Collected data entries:

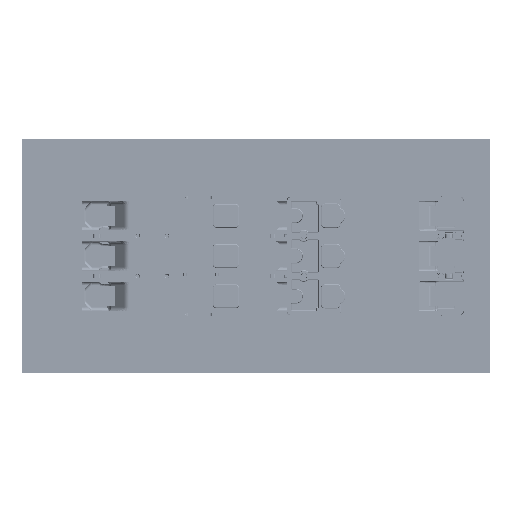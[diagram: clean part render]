
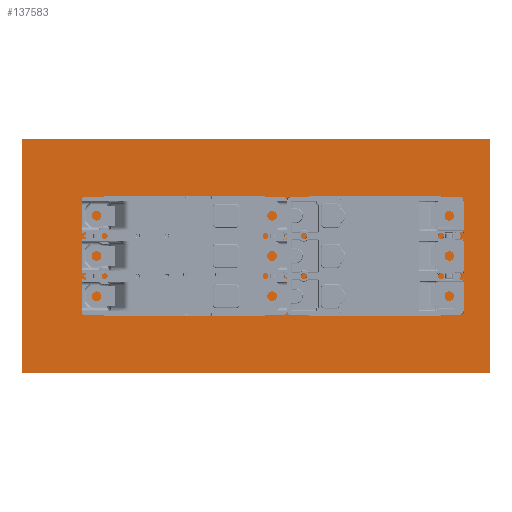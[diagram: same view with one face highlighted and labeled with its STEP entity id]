
A CAD part, front view. The second image highlights one B-rep face of the part: STEP entity #137583.
In plain terms, the highlighted planar face has unit normal (0, -1, 0).
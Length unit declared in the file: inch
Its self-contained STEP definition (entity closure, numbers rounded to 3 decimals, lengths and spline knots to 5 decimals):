
#137282=DIRECTION('',(1.,0.,0.));
#137283=VECTOR('',#137282,16.);
#137284=CARTESIAN_POINT('',(-6.,0.,4.));
#137285=LINE('',#137284,#137283);
#137286=DIRECTION('',(0.,0.,-1.));
#137287=VECTOR('',#137286,8.);
#137288=CARTESIAN_POINT('',(10.,0.,4.));
#137289=LINE('',#137288,#137287);
#137290=DIRECTION('',(-1.,0.,0.));
#137291=VECTOR('',#137290,16.);
#137292=CARTESIAN_POINT('',(10.,0.,-4.));
#137293=LINE('',#137292,#137291);
#137294=DIRECTION('',(0.,0.,1.));
#137295=VECTOR('',#137294,8.);
#137296=CARTESIAN_POINT('',(-6.,0.,-4.));
#137297=LINE('',#137296,#137295);
#137298=DIRECTION('',(-1.,0.,0.));
#137299=VECTOR('',#137298,2.875);
#137300=CARTESIAN_POINT('',(0.986,0.,-0.625));
#137301=LINE('',#137300,#137299);
#137302=DIRECTION('',(0.,0.,1.));
#137303=VECTOR('',#137302,1.375);
#137304=CARTESIAN_POINT('',(0.986,0.,-2.));
#137305=LINE('',#137304,#137303);
#137306=DIRECTION('',(-1.,0.,0.));
#137307=VECTOR('',#137306,1.062);
#137308=CARTESIAN_POINT('',(2.048,0.,-2.));
#137309=LINE('',#137308,#137307);
#137310=DIRECTION('',(0.,0.,-1.));
#137311=VECTOR('',#137310,4.);
#137312=CARTESIAN_POINT('',(2.048,0.,2.));
#137313=LINE('',#137312,#137311);
#137314=DIRECTION('',(1.,0.,0.));
#137315=VECTOR('',#137314,1.062);
#137316=CARTESIAN_POINT('',(0.986,0.,2.));
#137317=LINE('',#137316,#137315);
#137318=DIRECTION('',(0.,0.,1.));
#137319=VECTOR('',#137318,1.094);
#137320=CARTESIAN_POINT('',(0.986,0.,0.906));
#137321=LINE('',#137320,#137319);
#137322=DIRECTION('',(1.,0.,0.));
#137323=VECTOR('',#137322,0.5);
#137324=CARTESIAN_POINT('',(0.486,0.,0.906));
#137325=LINE('',#137324,#137323);
#137326=DIRECTION('',(0.,0.,1.));
#137327=VECTOR('',#137326,0.281);
#137328=CARTESIAN_POINT('',(0.486,0.,0.625));
#137329=LINE('',#137328,#137327);
#137330=DIRECTION('',(1.,0.,0.));
#137331=VECTOR('',#137330,2.375);
#137332=CARTESIAN_POINT('',(-1.889,0.,0.625));
#137333=LINE('',#137332,#137331);
#137334=CARTESIAN_POINT('',(-1.889,0.,0.437));
#137335=DIRECTION('',(0.,1.,0.));
#137336=DIRECTION('',(-1.,0.,0.));
#137337=AXIS2_PLACEMENT_3D('',#137334,#137335,#137336);
#137339=DIRECTION('',(0.,0.,1.));
#137340=VECTOR('',#137339,0.874);
#137341=CARTESIAN_POINT('',(-2.077,0.,-0.437));
#137342=LINE('',#137341,#137340);
#137343=CARTESIAN_POINT('',(-1.889,0.,-0.437));
#137344=DIRECTION('',(0.,1.,0.));
#137345=DIRECTION('',(0.,0.,-1.));
#137346=AXIS2_PLACEMENT_3D('',#137343,#137344,#137345);
#137478=CARTESIAN_POINT('',(-6.,0.,4.));
#137479=CARTESIAN_POINT('',(10.,0.,4.));
#137480=VERTEX_POINT('',#137478);
#137481=VERTEX_POINT('',#137479);
#137482=CARTESIAN_POINT('',(10.,0.,-4.));
#137483=VERTEX_POINT('',#137482);
#137484=CARTESIAN_POINT('',(-6.,0.,-4.));
#137485=VERTEX_POINT('',#137484);
#137494=CARTESIAN_POINT('',(0.986,0.,-0.625));
#137495=CARTESIAN_POINT('',(-1.889,0.,-0.625));
#137496=VERTEX_POINT('',#137494);
#137497=VERTEX_POINT('',#137495);
#137498=CARTESIAN_POINT('',(-2.077,0.,-0.437));
#137499=CARTESIAN_POINT('',(-2.077,0.,0.437));
#137500=VERTEX_POINT('',#137498);
#137501=VERTEX_POINT('',#137499);
#137502=CARTESIAN_POINT('',(-1.889,0.,0.625));
#137503=CARTESIAN_POINT('',(0.486,0.,0.625));
#137504=VERTEX_POINT('',#137502);
#137505=VERTEX_POINT('',#137503);
#137506=CARTESIAN_POINT('',(0.986,0.,0.906));
#137507=CARTESIAN_POINT('',(0.986,0.,2.));
#137508=VERTEX_POINT('',#137506);
#137509=VERTEX_POINT('',#137507);
#137510=CARTESIAN_POINT('',(2.048,0.,2.));
#137511=VERTEX_POINT('',#137510);
#137512=CARTESIAN_POINT('',(2.048,0.,-2.));
#137513=VERTEX_POINT('',#137512);
#137514=CARTESIAN_POINT('',(0.986,0.,-2.));
#137515=VERTEX_POINT('',#137514);
#137538=CARTESIAN_POINT('',(0.486,0.,0.906));
#137539=VERTEX_POINT('',#137538);
#137542=CARTESIAN_POINT('',(0.,0.,0.));
#137543=DIRECTION('',(0.,1.,0.));
#137544=DIRECTION('',(1.,0.,0.));
#137545=AXIS2_PLACEMENT_3D('',#137542,#137543,#137544);
#137546=PLANE('',#137545);
#137548=ORIENTED_EDGE('',*,*,#137547,.T.);
#137550=ORIENTED_EDGE('',*,*,#137549,.T.);
#137552=ORIENTED_EDGE('',*,*,#137551,.T.);
#137554=ORIENTED_EDGE('',*,*,#137553,.T.);
#137555=EDGE_LOOP('',(#137548,#137550,#137552,#137554));
#137556=FACE_OUTER_BOUND('',#137555,.F.);
#137558=ORIENTED_EDGE('',*,*,#137557,.F.);
#137560=ORIENTED_EDGE('',*,*,#137559,.F.);
#137562=ORIENTED_EDGE('',*,*,#137561,.F.);
#137564=ORIENTED_EDGE('',*,*,#137563,.F.);
#137566=ORIENTED_EDGE('',*,*,#137565,.F.);
#137568=ORIENTED_EDGE('',*,*,#137567,.F.);
#137570=ORIENTED_EDGE('',*,*,#137569,.F.);
#137572=ORIENTED_EDGE('',*,*,#137571,.F.);
#137574=ORIENTED_EDGE('',*,*,#137573,.F.);
#137576=ORIENTED_EDGE('',*,*,#137575,.F.);
#137578=ORIENTED_EDGE('',*,*,#137577,.F.);
#137580=ORIENTED_EDGE('',*,*,#137579,.F.);
#137581=EDGE_LOOP('',(#137558,#137560,#137562,#137564,#137566,#137568,#137570,
#137572,#137574,#137576,#137578,#137580));
#137582=FACE_BOUND('',#137581,.F.);
#137583=ADVANCED_FACE('',(#137556,#137582),#137546,.F.);
#137338=CIRCLE('',#137337,0.188);
#137347=CIRCLE('',#137346,0.188);
#137547=EDGE_CURVE('',#137480,#137481,#137285,.T.);
#137549=EDGE_CURVE('',#137481,#137483,#137289,.T.);
#137551=EDGE_CURVE('',#137483,#137485,#137293,.T.);
#137553=EDGE_CURVE('',#137485,#137480,#137297,.T.);
#137557=EDGE_CURVE('',#137496,#137497,#137301,.T.);
#137559=EDGE_CURVE('',#137515,#137496,#137305,.T.);
#137561=EDGE_CURVE('',#137513,#137515,#137309,.T.);
#137563=EDGE_CURVE('',#137511,#137513,#137313,.T.);
#137565=EDGE_CURVE('',#137509,#137511,#137317,.T.);
#137567=EDGE_CURVE('',#137508,#137509,#137321,.T.);
#137569=EDGE_CURVE('',#137539,#137508,#137325,.T.);
#137571=EDGE_CURVE('',#137505,#137539,#137329,.T.);
#137573=EDGE_CURVE('',#137504,#137505,#137333,.T.);
#137575=EDGE_CURVE('',#137501,#137504,#137338,.T.);
#137577=EDGE_CURVE('',#137500,#137501,#137342,.T.);
#137579=EDGE_CURVE('',#137497,#137500,#137347,.T.);

**Exercise details:**
In your answer, include only the lines above starting at the line that holds "#137569=EDGE_CURVE('',#137539,#137508,#137325,.T.);" and ending at the line that holds "#137575=EDGE_CURVE('',#137501,#137504,#137338,.T.);", copied exactly.

**Solution:**
#137569=EDGE_CURVE('',#137539,#137508,#137325,.T.);
#137571=EDGE_CURVE('',#137505,#137539,#137329,.T.);
#137573=EDGE_CURVE('',#137504,#137505,#137333,.T.);
#137575=EDGE_CURVE('',#137501,#137504,#137338,.T.);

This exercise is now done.